The Chumash considered Lower Topanga a sacred, economic, and cultural meeting place for tribes all along the coast. One of the main areas, the "Rodeo Grounds," takes its name from an actual rodeo arena that existed there on a Mexican Ranch in the 1800s. In the early 1900s, Lower Topanga was a Japanese fishing village, and artifacts from that time can still be seen.

For the last 50 years Lower Topanga was owned by the Los Angeles Athletic Club, and has remained virtually unchanged because the flooding creek makes the land undevelopable. There are actually fewer houses in Lower Topanga today than there were 50 years ago. Most of the houses were built as weekend beach shacks. Famous actors such as Humphrey Bogart, Peter Lorre, Charlie Chaplin, Carole Lombard, and Ida Lupino spent time there.
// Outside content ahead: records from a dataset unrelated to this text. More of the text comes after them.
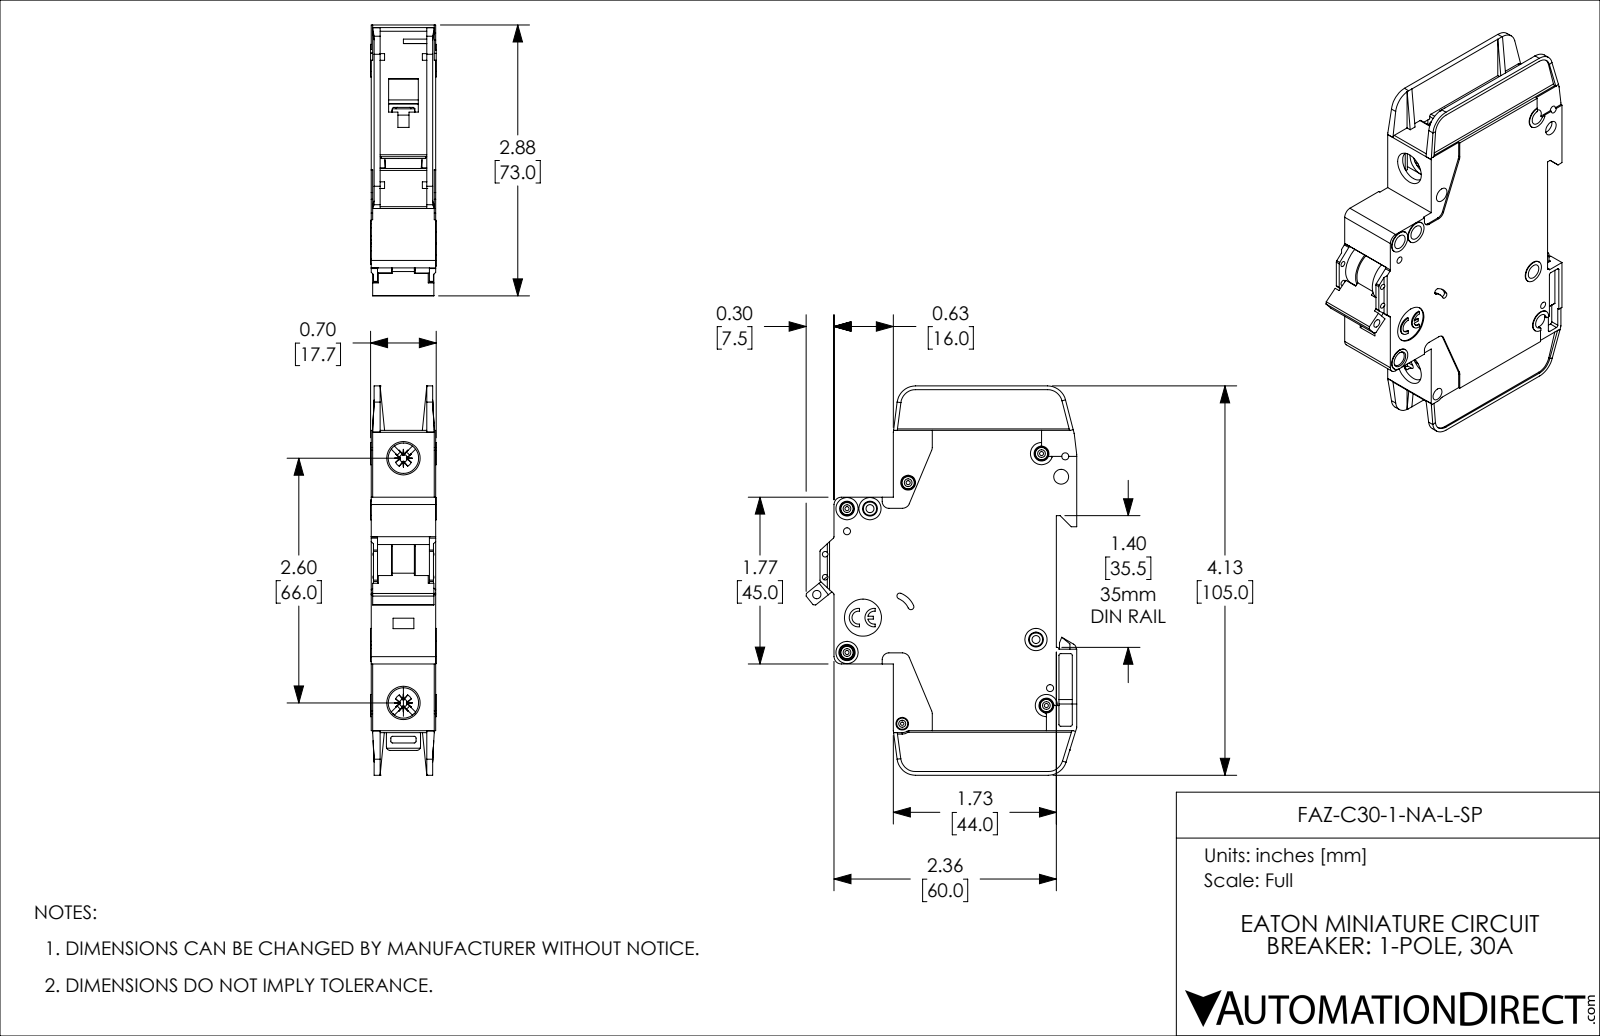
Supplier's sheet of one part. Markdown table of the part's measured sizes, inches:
| quantity | value |
| --- | --- |
| part name | FAZ-C30-1-NA-L-SP |
| STEP written by | SolidWorks 2019 (AUTOMOTIVE_DESIGN) |
| units | inches |
| bodies | 1 solid, 1127 faces (671 planar, 357 cylindrical, 99 other) |
| overall size | 4.134 × 2.876 × 0.697 |
| volume | 4.682 in³ |
| surface area | 41.01 in² |
| round holes (diameter × count) | 0.157 × 8, 0.043 × 5, 0.075 × 4, 0.059 × 2, 0.085 × 2, 0.323 × 2, 0.035 × 1, 0.089 × 1, 0.098 × 1, 0.134 × 1, 0.394 × 1 |
| round bosses / shafts (diameter × count) | 0.13 × 5, 0.236 × 4, 0.118 × 2, 0.098 × 1 |
| partial cylindrical surfaces (radius × count) | 0.02 × 42, 0.016 × 10, 0.039 × 10, 0.079 × 8, 0.197 × 5, 0.008 × 4, 0.026 × 4, 0.043 × 4 |
| main face-to-face distances | 0.047, 0.685, 0.591, 0.638, 0.094, 0.543, 0.016, 0.031, 0.496, 0.575 |
| hole center spacings | 0.244, 0.537, 0.87, 0.189, 0.199, 0.204, 0.221, 0.24 |
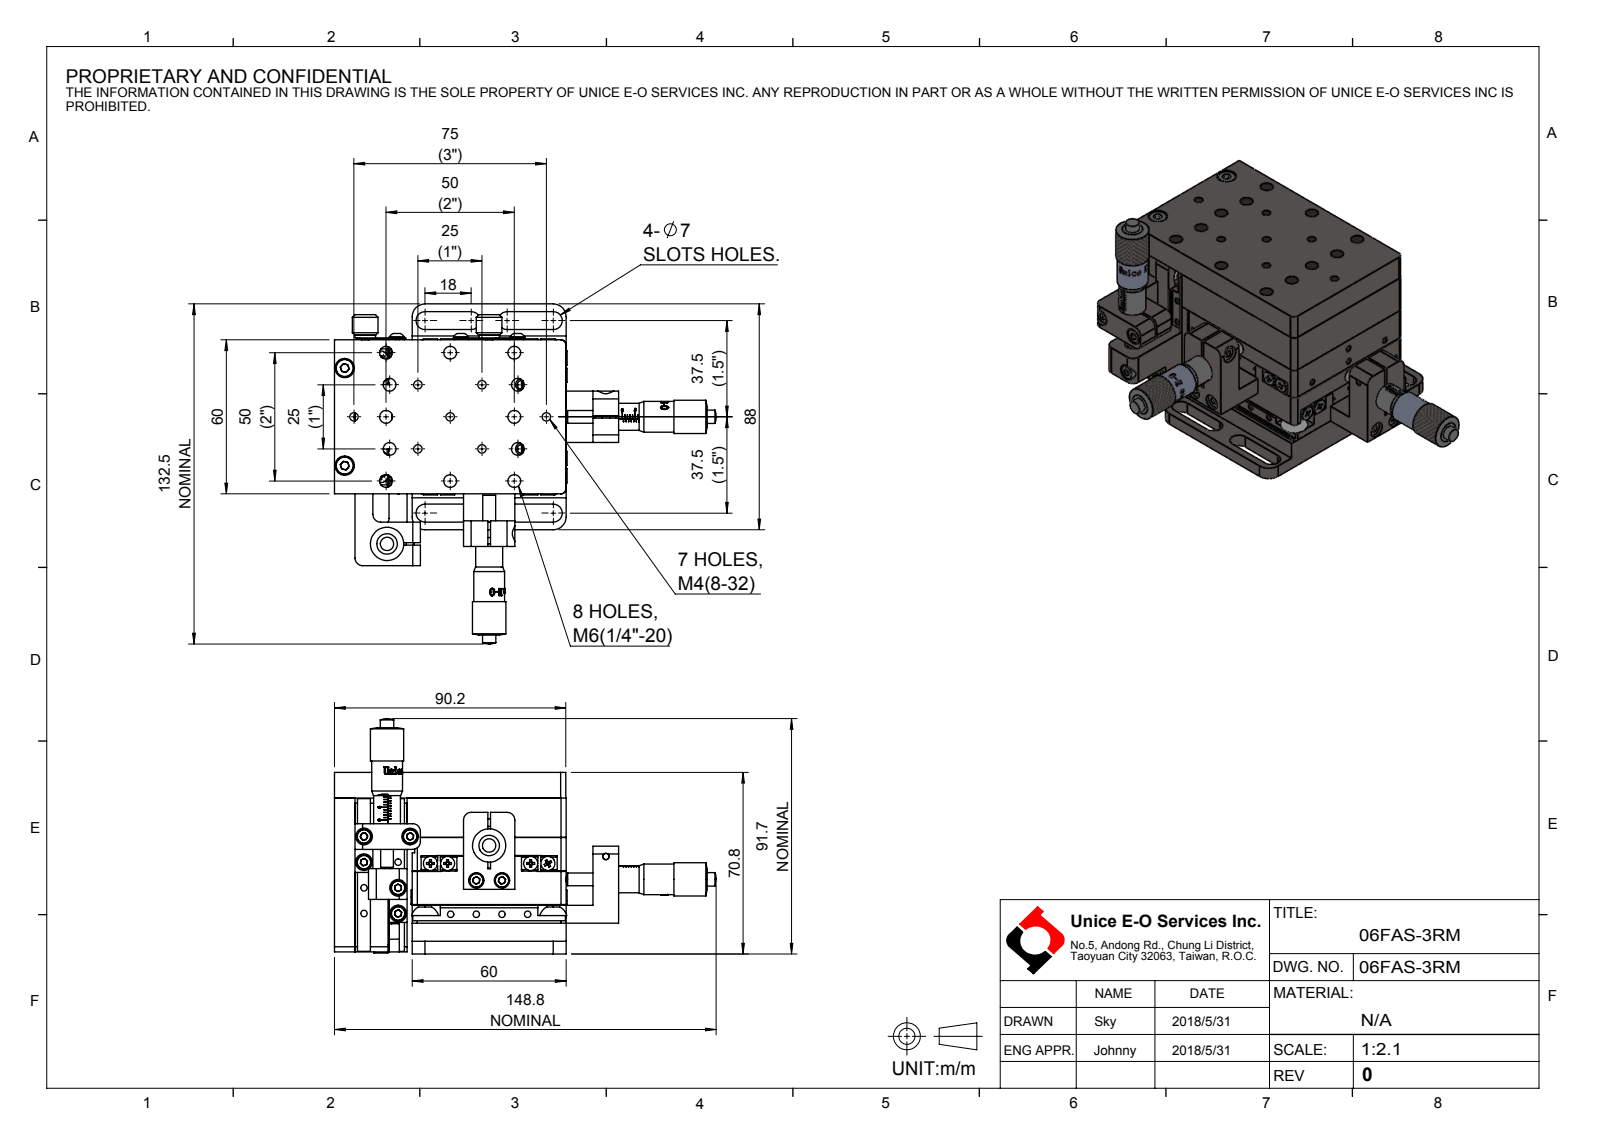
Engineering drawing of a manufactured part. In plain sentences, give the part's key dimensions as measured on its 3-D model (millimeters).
The part is named "06FAS-3RM". Its 3-D file was written by "SolidWorks 2016 (AUTOMOTIVE_DESIGN)". It is 0 solids with 1397 faces: 813 planar, 373 cylindrical and 211 other. Overall it measures 148.8 by 132.5 by 91.7 millimeters. Round holes: 18 of diameter 2.5, 18 of diameter 5, 9 of diameter 6.5, 8 of diameter 2.05, 7 of diameter 3.3, 6 of diameter 6, 4 of diameter 8, 2 of diameter 3.1, 2 of diameter 7.5, 1 of diameter 9.5. Round bosses or shafts: 18 of diameter 5.5, 5 of diameter 7, 4 of diameter 5.7, 3 of diameter 13, 3 of diameter 12, 3 of diameter 10.5, 3 of diameter 6, 3 of diameter 5.2. Partial cylindrical surfaces (rounded edges, fillets, slot ends): 11 of radius 3, 10 of radius 2, 8 of radius 3.5, 4 of radius 1.75, 4 of radius 5, 3 of radius 5.98. The main face-to-face distances are 7, 13.3, 20.3, 13.1, 60, 13.2, 10, 60.8, 6.1, 6. The hole center spacings are 25, 10, 35.36, 55.9, 50, 12.58, 17.61, 17.75.

Today Lower Topanga is unique as one of the last outposts of the classic Topanga Canyon bohemian hippie lifestyle where the village raises the child while promoting anti-materialist attitudes, freedom of expression, and living in harmony with nature. Also, the Lower Topanga 24-hour architectural style (built quickly because illegally) of creative add-ons to the beach shacks has high aesthetic value.

In 2001, Lower Topanga was sold to State Parks. Even though the Lower Topanga community occupies less than 2% of the total purchased land, State Parks has an aggressive policy to relocate everyone, and bulldoze all of the houses. Arundo, a type of bamboo that characterizes the Lower Topanga landscape, has become a totemic plant for the residents because it is first on a long list of "non-native" plants that State Parks has also condemned to be uprooted (and even poisoned!) in an attempt to restore the land to its "natural" state.

Many Upper Topanga residents (including the local Native American population) realize that the destruction of the Lower Topanga community will be a terrible cultural loss. Most Lower Topanga residents have lived there for over 20 years - some for 40 and 50 years! But the relocation process has already begun.

Lower Topanga residents are currently fighting forced relocation in court, but their community is vanishing quickly.